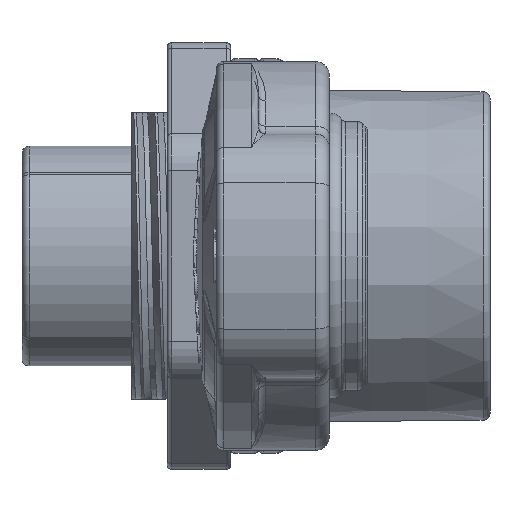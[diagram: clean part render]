
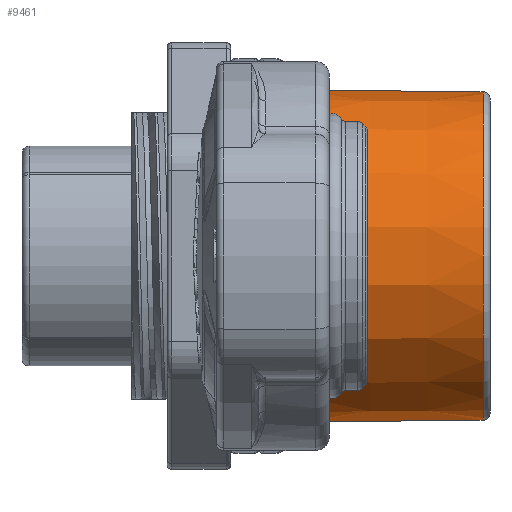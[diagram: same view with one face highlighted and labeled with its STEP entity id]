
A CAD part, front view. The second image highlights one B-rep face of the part: STEP entity #9461.
In plain terms, the highlighted conical face has half-angle 0.5 degrees and reference radius 11.65 mm.
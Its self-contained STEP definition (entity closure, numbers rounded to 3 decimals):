
#749 = CARTESIAN_POINT ( 'NONE',  ( 0., 0., -11.65 ) ) ;
#903 = AXIS2_PLACEMENT_3D ( 'NONE', #6840, #6231, #35402 ) ;
#1562 = VERTEX_POINT ( 'NONE', #15766 ) ;
#2045 = CARTESIAN_POINT ( 'NONE',  ( -0.496, 0., 11.654 ) ) ;
#3211 = EDGE_CURVE ( 'NONE', #15735, #54822, #44850, .T. ) ;
#3461 = DIRECTION ( 'NONE',  ( 0., 0., -1. ) ) ;
#4325 = CARTESIAN_POINT ( 'NONE',  ( -12.425, -1.34, -11.687 ) ) ;
#4957 = VERTEX_POINT ( 'NONE', #5049 ) ;
#5049 = CARTESIAN_POINT ( 'NONE',  ( -0.496, 0., -11.654 ) ) ;
#5057 = VECTOR ( 'NONE', #60949, 1000. ) ;
#6231 = DIRECTION ( 'NONE',  ( 1., 0., 0. ) ) ;
#6624 = DIRECTION ( 'NONE',  ( 0., 0., 1. ) ) ;
#6840 = CARTESIAN_POINT ( 'NONE',  ( -12.404, 0., 0. ) ) ;
#8120 = CARTESIAN_POINT ( 'NONE',  ( -12.477, -0.335, -11.759 ) ) ;
#9461 = ADVANCED_FACE ( 'NONE', ( #50029 ), #42042, .T. ) ;
#10928 = CARTESIAN_POINT ( 'NONE',  ( -12.404, -1.674, 11.643 ) ) ;
#12542 = LINE ( 'NONE', #37250, #5057 ) ;
#12955 = AXIS2_PLACEMENT_3D ( 'NONE', #51594, #42127, #3461 ) ;
#15259 = DIRECTION ( 'NONE',  ( -1., 0., 0. ) ) ;
#15735 = VERTEX_POINT ( 'NONE', #18684 ) ;
#15766 = CARTESIAN_POINT ( 'NONE',  ( -12.477, 0., -11.759 ) ) ;
#17127 = DIRECTION ( 'NONE',  ( -1., 0., -0.009 ) ) ;
#18684 = CARTESIAN_POINT ( 'NONE',  ( -12.477, 0., 11.759 ) ) ;
#19687 = ORIENTED_EDGE ( 'NONE', *, *, #55330, .T. ) ;
#22095 = ORIENTED_EDGE ( 'NONE', *, *, #52932, .T. ) ;
#22651 = VERTEX_POINT ( 'NONE', #27488 ) ;
#22949 = VERTEX_POINT ( 'NONE', #2045 ) ;
#22968 = ORIENTED_EDGE ( 'NONE', *, *, #3211, .T. ) ;
#23673 = CARTESIAN_POINT ( 'NONE',  ( -12.462, -0.67, -11.744 ) ) ;
#24331 = EDGE_LOOP ( 'NONE', ( #30059, #22095, #45577, #22968, #19687, #53520 ) ) ;
#25302 = EDGE_CURVE ( 'NONE', #22651, #1562, #27068, .T. ) ;
#27068 = B_SPLINE_CURVE_WITH_KNOTS ( 'NONE', 3,
 ( #47731, #52779, #4325, #23673, #8120, #42040 ),
 .UNSPECIFIED., .F., .F.,
 ( 4, 2, 4 ),
 ( 0., 0.001, 0.002 ),
 .UNSPECIFIED. ) ;
#27488 = CARTESIAN_POINT ( 'NONE',  ( -12.404, -2.007, -11.586 ) ) ;
#30059 = ORIENTED_EDGE ( 'NONE', *, *, #60698, .F. ) ;
#30277 = CARTESIAN_POINT ( 'NONE',  ( -12.404, -2.007, 11.586 ) ) ;
#30949 = AXIS2_PLACEMENT_3D ( 'NONE', #58599, #15259, #6624 ) ;
#32180 = CIRCLE ( 'NONE', #12955, 11.654 ) ;
#35030 = CARTESIAN_POINT ( 'NONE',  ( -12.477, 0., 11.759 ) ) ;
#35402 = DIRECTION ( 'NONE',  ( 0., 0., 1. ) ) ;
#36715 = EDGE_CURVE ( 'NONE', #22949, #15735, #12542, .T. ) ;
#37250 = CARTESIAN_POINT ( 'NONE',  ( 0., 0., 11.65 ) ) ;
#39152 = CARTESIAN_POINT ( 'NONE',  ( -12.477, -0.335, 11.759 ) ) ;
#39461 = CARTESIAN_POINT ( 'NONE',  ( -12.462, -0.67, 11.744 ) ) ;
#42040 = CARTESIAN_POINT ( 'NONE',  ( -12.477, 0., -11.759 ) ) ;
#42042 = CONICAL_SURFACE ( 'NONE', #30949, 11.65, 0.009 ) ;
#42127 = DIRECTION ( 'NONE',  ( -1., 0., 0. ) ) ;
#43414 = CARTESIAN_POINT ( 'NONE',  ( -12.404, -2.007, 11.586 ) ) ;
#44850 = B_SPLINE_CURVE_WITH_KNOTS ( 'NONE', 3,
 ( #35030, #39152, #39461, #54300, #10928, #30277 ),
 .UNSPECIFIED., .F., .F.,
 ( 4, 2, 4 ),
 ( 0.002, 0.003, 0.004 ),
 .UNSPECIFIED. ) ;
#45577 = ORIENTED_EDGE ( 'NONE', *, *, #36715, .T. ) ;
#47731 = CARTESIAN_POINT ( 'NONE',  ( -12.404, -2.007, -11.586 ) ) ;
#50029 = FACE_OUTER_BOUND ( 'NONE', #24331, .T. ) ;
#50716 = VECTOR ( 'NONE', #17127, 1000. ) ;
#51594 = CARTESIAN_POINT ( 'NONE',  ( -0.496, 0., 0. ) ) ;
#52779 = CARTESIAN_POINT ( 'NONE',  ( -12.404, -1.674, -11.643 ) ) ;
#52932 = EDGE_CURVE ( 'NONE', #4957, #22949, #32180, .T. ) ;
#53520 = ORIENTED_EDGE ( 'NONE', *, *, #25302, .T. ) ;
#54300 = CARTESIAN_POINT ( 'NONE',  ( -12.425, -1.34, 11.687 ) ) ;
#54822 = VERTEX_POINT ( 'NONE', #43414 ) ;
#55330 = EDGE_CURVE ( 'NONE', #54822, #22651, #62615, .T. ) ;
#55732 = LINE ( 'NONE', #749, #50716 ) ;
#58599 = CARTESIAN_POINT ( 'NONE',  ( 0., 0., 0. ) ) ;
#60698 = EDGE_CURVE ( 'NONE', #4957, #1562, #55732, .T. ) ;
#60949 = DIRECTION ( 'NONE',  ( -1., 0., 0.009 ) ) ;
#62615 = CIRCLE ( 'NONE', #903, 11.758 ) ;
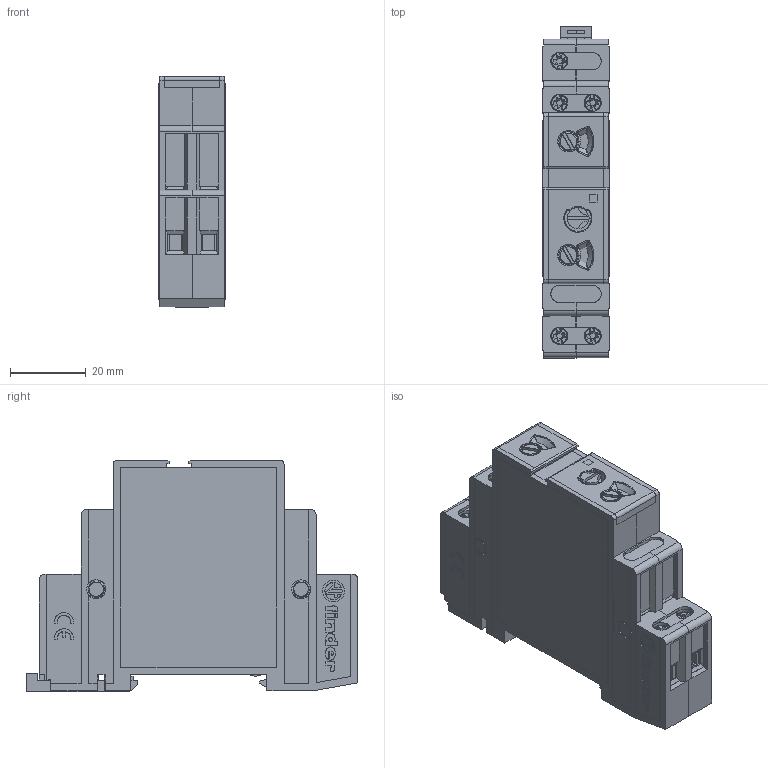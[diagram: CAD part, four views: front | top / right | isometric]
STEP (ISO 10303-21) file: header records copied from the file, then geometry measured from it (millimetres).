
FILE_DESCRIPTION(('STEP AP214'),'2;1');
FILE_NAME('80_82---complessivo___OK.stp','2011-02-04T14:47:40',(''),(''),'2007.1.106','THINKDESIGN','');
FILE_SCHEMA(('AUTOMOTIVE_DESIGN'));
Products named in the file (1): None
Bounding box: 17.6 x 87.5 x 61 mm (x, y, z)
Surface area: 17126.2 mm2 (no closed solid volume)
Topology: 0 solids, 0 shells, 957 faces, 5445 edges, 5396 vertices
Faces by surface type: plane 738, bspline 139, cylinder 80
Full cylindrical faces by diameter (mm): 3 x2, 4.2 x4, 4.5 x5, 5 x6, 6.4 x1
Entity records: 62162 total; most frequent: CARTESIAN_POINT 23695, DIRECTION 6433, COMPOSITE_CURVE_SEGMENT 5437, TRIMMED_CURVE 4573, VECTOR 4393, LINE 4393, AXIS2_PLACEMENT_3D 1020, OUTER_BOUNDARY_CURVE 957
--------------------
_Action item_
Begin with the line holding "#58599 = CARTESIAN_POINT" and end with the last line of the listing. Reproduce each of those lines exactly, and leave every picture out.

_The completed task_
#58599 = CARTESIAN_POINT ( 'NONE',  ( 0., 0., 0. ) ) ;
#60698 = EDGE_CURVE ( 'NONE', #4957, #1562, #55732, .T. ) ;
#60949 = DIRECTION ( 'NONE',  ( -1., 0., 0.009 ) ) ;
#62615 = CIRCLE ( 'NONE', #903, 11.758 ) ;
[diagram: CAD part, four views: front | top / right | isometric]
STEP (ISO 10303-21) file: header records copied from the file, then geometry measured from it (millimetres).
FILE_DESCRIPTION(('STEP AP214'),'2;1');
FILE_NAME('80_82---complessivo___OK.stp','2011-02-04T14:47:40',(''),(''),'2007.1.106','THINKDESIGN','');
FILE_SCHEMA(('AUTOMOTIVE_DESIGN'));
Products named in the file (1): None
Bounding box: 17.6 x 87.5 x 61 mm (x, y, z)
Surface area: 17126.2 mm2 (no closed solid volume)
Topology: 0 solids, 0 shells, 957 faces, 5445 edges, 5396 vertices
Faces by surface type: plane 738, bspline 139, cylinder 80
Full cylindrical faces by diameter (mm): 3 x2, 4.2 x4, 4.5 x5, 5 x6, 6.4 x1
Entity records: 62162 total; most frequent: CARTESIAN_POINT 23695, DIRECTION 6433, COMPOSITE_CURVE_SEGMENT 5437, TRIMMED_CURVE 4573, VECTOR 4393, LINE 4393, AXIS2_PLACEMENT_3D 1020, OUTER_BOUNDARY_CURVE 957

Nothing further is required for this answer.